Potholes and Memphis streets

Public Works Director Dwan Gillom is changing the business model in a way that will reassign personnel and triple the city's capacity to check and respond to potholes. All public works personnel will be expected to report potholes of code violations as they travel Memphis streets.

"Additionally, with the $3.5 million increase in funding for the city street repaving program, public works is set to increase the number of lane miles repaved this fiscal year by 45 percent as compared to 2013," said Mayor Wharton.

Pension programs

According to Mayor Wharton, the city's pension fund lost nearly $500 million in value when the recession hit. That, in addition to a property tax reappraisal and a court ruling in regards to the school system, is what Wharton called "the perfect storm" to cause pension problems.

"We must go to a model in which the City of Memphis and its taxpayers are not the ultimate guarantors of what the pension plan should be regardless of the market, that's what has gotten us to where we are," said Wharton. "We make the contributions, an employee contribution and a city contribution, and when that is not enough to meet our required payment, we have no choice but to go to the general fund, that money comes from the taxpayers and that is the dilemma we must work together to resolve."

The city has in mind a defined contribution plan that will be debated by the city council.

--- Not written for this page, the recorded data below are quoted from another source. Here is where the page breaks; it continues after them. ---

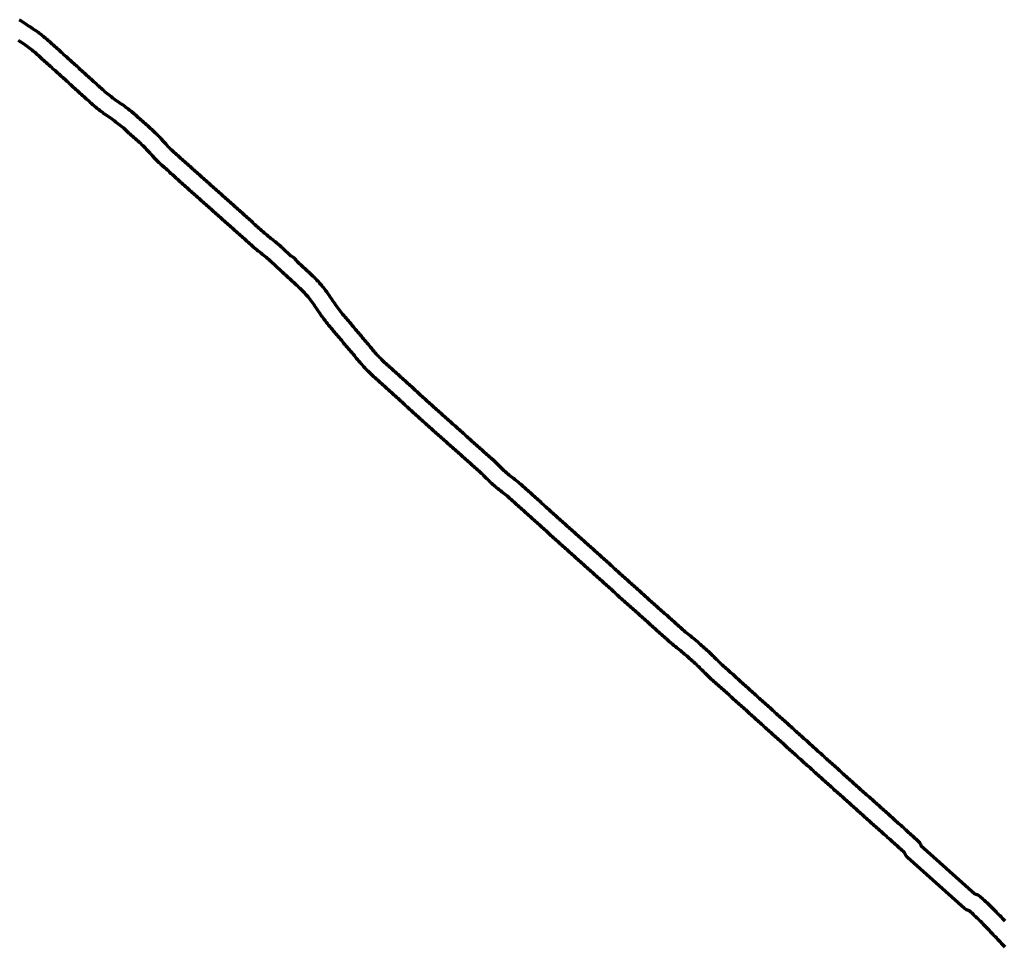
# Model space of a CAD drawing. Header units: metres. Extents: x 98902 to 136161, y 449037 to 499677.
# Tile 24 of 200: x 106943 to 110256, y 477859 to 480982. Entities that reach past the tile are written whole.
import ezdxf

# ---------------------------------------------------------------- set-up
doc = ezdxf.new("R2010")
doc.units = ezdxf.units.M
doc.layers.add('B-WE-OG-INFO_EIS VOORZORGSMAATREGEL-GV', color=7, linetype='Continuous', lineweight=70, true_color=0xfa194b)

msp = doc.modelspace()

# ---------------------------------------------------------------- linework, layer by layer
at = {"layer": 'B-WE-OG-INFO_EIS VOORZORGSMAATREGEL-GV', "flags": 128}
for points in [[(106940.3, 480981.6), (106945.3, 480978.4), (106945.4, 480978.4), (106950.4, 480975.1), (106955.4, 480971.9), (106960.5, 480968.6), (106965.5, 480965.4), (106970.5, 480962.1), (106975.2, 480959.1), (106980.3, 480955.9), (106980.3, 480955.8), (106980.4, 480955.8), (106985.4, 480952.5), (106985.5, 480952.4), (106985.7, 480952.3), (106990.7, 480949), (106990.7, 480949), (106990.8, 480948.9), (106995.7, 480945.6), (106996, 480945.3), (106996.4, 480945.1), (107001.3, 480941.6), (107001.3, 480941.6), (107001.3, 480941.6), (107006.2, 480938.1), (107006.5, 480937.8), (107006.9, 480937.6), (107011.7, 480933.9), (107016.5, 480930.3), (107016.8, 480930), (107017.1, 480929.8), (107021.8, 480926), (107021.8, 480926), (107021.9, 480925.9), (107026.5, 480922.1), (107026.6, 480922.1), (107026.7, 480922), (107028.3, 480920.7), (107028.5, 480920.4), (107028.9, 480920.2), (107029, 480920), (107029.2, 480919.9), (107033.7, 480916), (107033.7, 480916), (107033.7, 480916), (107038.2, 480912), (107038.4, 480911.8), (107038.6, 480911.7), (107042.7, 480908), (107046.9, 480904.2), (107051, 480900.5), (107051, 480900.5), (107055.2, 480896.7), (107059.7, 480892.7), (107064.1, 480888.7), (107064.1, 480888.7), (107068.6, 480884.7), (107073, 480880.7), (107077.5, 480876.7), (107081.9, 480872.7), (107086.4, 480868.7), (107086.4, 480868.7), (107090.5, 480864.9), (107090.5, 480864.9), (107094.7, 480861.2), (107098.8, 480857.5), (107103, 480853.7), (107107.1, 480850), (107111.3, 480846.2), (107115.4, 480842.5), (107119.6, 480838.8), (107123.8, 480835), (107127.9, 480831.3), (107127.9, 480831.3), (107132.1, 480827.5), (107132.1, 480827.5), (107132.1, 480827.5), (107133.2, 480826.5), (107133.2, 480826.5), (107133.3, 480826.5), (107137.7, 480822.4), (107142.1, 480818.4), (107146.6, 480814.4), (107151, 480810.3), (107155.5, 480806.3), (107159.9, 480802.3), (107164.4, 480798.3), (107168.8, 480794.2), (107173.2, 480790.2), (107177.7, 480786.2), (107182.1, 480782.1), (107186.6, 480778.1), (107191, 480774.1), (107195.5, 480770.1), (107199.6, 480766.3), (107199.6, 480766.3), (107203.8, 480762.5), (107203.8, 480762.5), (107207.9, 480758.8), (107212, 480755), (107216.2, 480751.3), (107216.2, 480751.3), (107220.3, 480747.5), (107220.3, 480747.5), (107224.3, 480743.9), (107228.4, 480740.3), (107232.6, 480736.6), (107236.9, 480733), (107241.2, 480729.4), (107245.6, 480725.9), (107250, 480722.5), (107254.4, 480719.1), (107258.7, 480715.9), (107258.7, 480715.9), (107263.1, 480712.7), (107267.7, 480709.5), (107272.7, 480706.1), (107272.7, 480706), (107272.8, 480706), (107277.5, 480702.7), (107282.3, 480699.5), (107287.2, 480696.2), (107287.6, 480695.9), (107288, 480695.7), (107292.8, 480692.2), (107292.9, 480692.2), (107292.9, 480692.2), (107297.4, 480688.9), (107297.6, 480688.7), (107297.8, 480688.6), (107302.3, 480685.3), (107302.5, 480685.1), (107302.7, 480685), (107307.4, 480681.4), (107307.5, 480681.3), (107307.6, 480681.3), (107312.3, 480677.6), (107312.6, 480677.3), (107312.9, 480677.1), (107317.5, 480673.4), (107317.5, 480673.4), (107322.2, 480669.6), (107322.5, 480669.2), (107322.8, 480669), (107327.4, 480665.1), (107327.4, 480665.1), (107327.4, 480665.1), (107332, 480661.1), (107332.1, 480661), (107332.2, 480660.9), (107336.7, 480657), (107336.7, 480656.9), (107336.8, 480656.9), (107341.3, 480652.9), (107345.7, 480648.9), (107350.2, 480644.9), (107354.7, 480640.9), (107354.7, 480640.9), (107359.2, 480636.9), (107363.6, 480632.9), (107363.6, 480632.9), (107365.9, 480630.9), (107365.9, 480630.9), (107368, 480628.9), (107372.5, 480624.9), (107377, 480620.9), (107377, 480620.9), (107377, 480620.9), (107381.5, 480617), (107381.5, 480616.9), (107381.6, 480616.9), (107386, 480612.8), (107386.1, 480612.8), (107386.2, 480612.7), (107390.6, 480608.7), (107390.8, 480608.4), (107391, 480608.3), (107395.3, 480604.2), (107395.4, 480604.1), (107395.5, 480604), (107399.8, 480599.9), (107400, 480599.6), (107400.2, 480599.5), (107404.5, 480595.2), (107404.6, 480595.1), (107404.7, 480595), (107408.9, 480590.7), (107409, 480590.6), (107409.1, 480590.5), (107413.3, 480586.1), (107413.4, 480585.9), (107413.7, 480585.7), (107417.7, 480581.3), (107417.8, 480581.3), (107417.9, 480581.2), (107421.9, 480576.8), (107422, 480576.7), (107422.1, 480576.6), (107426.1, 480572.1), (107426.1, 480572.1), (107430, 480567.7), (107433.9, 480563.5), (107437.7, 480559.3), (107441.5, 480555.3), (107445.5, 480551.3), (107449.4, 480547.3), (107453.5, 480543.4), (107457.6, 480539.5), (107461.7, 480535.8), (107461.7, 480535.8), (107466, 480531.9), (107470.4, 480527.9), (107470.4, 480527.9), (107474.9, 480523.9), (107479.4, 480519.9), (107483.9, 480515.9), (107488.3, 480511.9), (107492.8, 480507.9), (107492.8, 480507.9), (107497.3, 480503.9), (107501.7, 480499.9), (107506.2, 480495.9), (107510.7, 480492), (107515.2, 480488), (107515.2, 480488), (107519.6, 480484), (107519.6, 480484), (107524.1, 480480), (107524.1, 480480), (107528.6, 480476), (107528.6, 480476), (107533, 480472), (107537.5, 480468), (107542, 480464), (107546.5, 480460), (107550.9, 480456), (107555.4, 480452), (107559.9, 480448), (107564.4, 480444), (107568.8, 480440), (107568.8, 480440), (107573.3, 480436), (107577.8, 480432), (107582.2, 480428), (107586.7, 480424), (107591.2, 480420), (107595.7, 480416), (107595.7, 480416), (107600.1, 480412), (107600.1, 480412), (107604.6, 480408), (107609.1, 480404), (107609.1, 480404), (107613.5, 480400), (107618, 480396), (107618, 480396), (107622.5, 480392), (107622.5, 480392), (107627, 480388), (107631.4, 480384), (107631.4, 480384), (107631.4, 480384), (107635.9, 480380.1), (107640.4, 480376.1), (107640.4, 480376.1), (107644.9, 480372.1), (107649.3, 480368.1), (107653.8, 480364.1), (107658.3, 480360.1), (107662.7, 480356.1), (107662.7, 480356.1), (107667.2, 480352.1), (107671.7, 480348.1), (107671.7, 480348.1), (107676.2, 480344.1), (107680.6, 480340.1), (107685.1, 480336.1), (107685.1, 480336.1), (107689.6, 480332.1), (107694.1, 480328.1), (107698.5, 480324.1), (107703, 480320.1), (107707.5, 480316.1), (107711.9, 480312.1), (107716.4, 480308.1), (107716.4, 480308.1), (107720.9, 480304.1), (107725.4, 480300.1), (107729.8, 480296.1), (107734.3, 480292.1), (107738.8, 480288.1), (107738.8, 480288.1), (107743.2, 480284.1), (107747.7, 480280.1), (107747.7, 480280.1), (107752.2, 480276.1), (107752.2, 480276.1), (107756.7, 480272.2), (107756.7, 480272.2), (107761.1, 480268.2), (107761.1, 480268.2), (107765.5, 480264.3), (107769.7, 480260.5), (107774, 480256.9), (107778.2, 480253.4), (107782.6, 480249.9), (107787, 480246.5), (107791.7, 480242.8), (107791.8, 480242.8), (107791.8, 480242.8), (107796.6, 480239.1), (107796.7, 480238.9), (107797, 480238.8), (107801.6, 480235.1), (107801.8, 480234.9), (107802, 480234.8), (107806.6, 480230.9), (107806.8, 480230.8), (107807, 480230.7), (107811.5, 480226.8), (107811.7, 480226.6), (107811.8, 480226.5), (107816.4, 480222.6), (107816.5, 480222.4), (107816.7, 480222.3), (107820.9, 480218.5), (107820.9, 480218.5), (107821, 480218.5), (107822.1, 480217.5), (107822.1, 480217.4), (107822.2, 480217.3), (107826.5, 480213.4), (107826.5, 480213.4), (107855.2, 480187), (107856.4, 480186.7), (107864.2, 480181.5), (107865.7, 480180.2), (107868.5, 480176.4), (107868.9, 480176.1), (107869.2, 480175.7), (107869.7, 480175.4), (107871.4, 480173.1), (107875, 480169.2), (107875.2, 480168.7), (107878.8, 480165.3), (107883.3, 480161.3), (107887.7, 480157.2), (107892.2, 480153.1), (107896.6, 480149), (107901.1, 480145), (107905.5, 480140.9), (107909.9, 480136.8), (107914.4, 480132.7), (107918.8, 480128.7), (107919, 480128.4), (107919.2, 480128.3), (107923.6, 480124.1), (107923.6, 480124.1), (107923.7, 480124), (107928, 480119.9), (107928, 480119.9), (107932.4, 480115.7), (107932.7, 480115.3), (107933.1, 480115), (107937.3, 480110.7), (107937.4, 480110.5), (107937.6, 480110.4), (107941.7, 480106), (107941.7, 480106), (107945.9, 480101.6), (107946.1, 480101.3), (107946.4, 480101.1), (107950.4, 480096.6), (107950.5, 480096.4), (107950.7, 480096.3), (107954.7, 480091.7), (107954.8, 480091.6), (107954.9, 480091.5), (107958.8, 480086.9), (107959, 480086.5), (107959.4, 480086.3), (107963.1, 480081.6), (107963.3, 480081.4), (107963.4, 480081.2), (107967.1, 480076.5), (107970.6, 480072.1), (107970.7, 480071.8), (107970.9, 480071.7), (107974.6, 480066.9), (107974.8, 480066.5), (107975.1, 480066.2), (107978.6, 480061.3), (107981.9, 480056.7), (107981.9, 480056.6), (107981.9, 480056.6), (107985.2, 480052), (107985.3, 480051.7), (107985.5, 480051.5), (107988.7, 480046.9), (107992, 480041.9), (107995.4, 480036.9), (107998.8, 480031.9), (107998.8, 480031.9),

"It is clear that we must make changes and working together we will make those changes," said the mayor. "It is a bit difficult to go to our residents and say we want to raise your taxes to take care of our pension plan when I look them right in their face knowing full well they do not have a pension plan. That is a course that we do not wish to take."

Public safety

Mayor Wharton said he is pleased to report that crime is down in Memphis.

"There are 20,000 fewer victims when comparing the numbers to 2006," he said before asking for a round of applause for the Memphis Police Department.

But even though criminal homicides, robberies, burglaries, and aggravated assaults are also down, the mayor said they are still not satisfied.

He said they are not looking to just make cuts, but to instead become more efficient.

"By looking at the certain equipment, cameras, and GPS systems, we feel that we can cut costs tremendously," he said.

Mayor Wharton cited several public safety and community outreach programs as the reasons why youth gun violence is down by 13 percent from 2012.

"We know we cannot arrest and jail our way out of our current crime challenges and we will continue to offer a broad array of services designed to focus on prevention as opposed to arrests and convictions," said Wharton.

He added, "From 2009 to 2012, when non-public safety divisions were being reduced by $28 million in our effort to fund the schools, the budgets for the police and fire departments increased by $9.5 million, this is in addition to the fact that public safety accounts for 75 percent of all city workers and a comfortable amount of the budget. We are committed to public safety but we are also committed to efficiency.

The mayor said he is willing to have honest discussions when it come to public safety, but he wanted to make sure listeners understand his commitment to keeping people safe.


According to Wharton, Memphis has the third highest child poverty rate out of all cities with more than 500,000 people. The poverty rate in the Bluff City is 27 percent. The percentage of working poor is 49 percent.

Wharton said he is looking forward to launching "one of the most innovative programs to reduce poverty of any city in the United States." The program is called Memphis Blueprint for Prosperity, which will cause them to take another look at how they are doing things.

Energy is one of the largest expenditures for those trapped in poverty, he said.

"If we simply reduce the cost of living, we will be able to meet our goal of reducing poverty by 1 percent per year for the next 10 years, taking it from 27 percent to 17 percent," said Wharton. "We are committed to that and we are going to do that."

In conclusion...

Mayor Wharton said once the budget is approved, all of the things he discussed in the State of the City will be put into action.

"We must pull all of this into a plan and we're going to do just that, but the plan has to make sense. It has to be based in realism, based on the budget, as soon as we get through the budget process which will be informed by the various plans you've just heard, you'll be able to see precisely what that vision is," he said.

The mayor wants to see Memphis become a city of choice.

"We must move away from the tail of two cities to a true story of a one Memphis, a one Memphis in which all share in all of the bounty that our great city has to offer," Wharton concluded. "Just as Dr. King died here to bring us together as one city along racial lines, we must work to bring ourselves together as one city along income lines ... We are one Memphis and we will work together against all odds to ensure that opportunity is real in the lives of every citizen."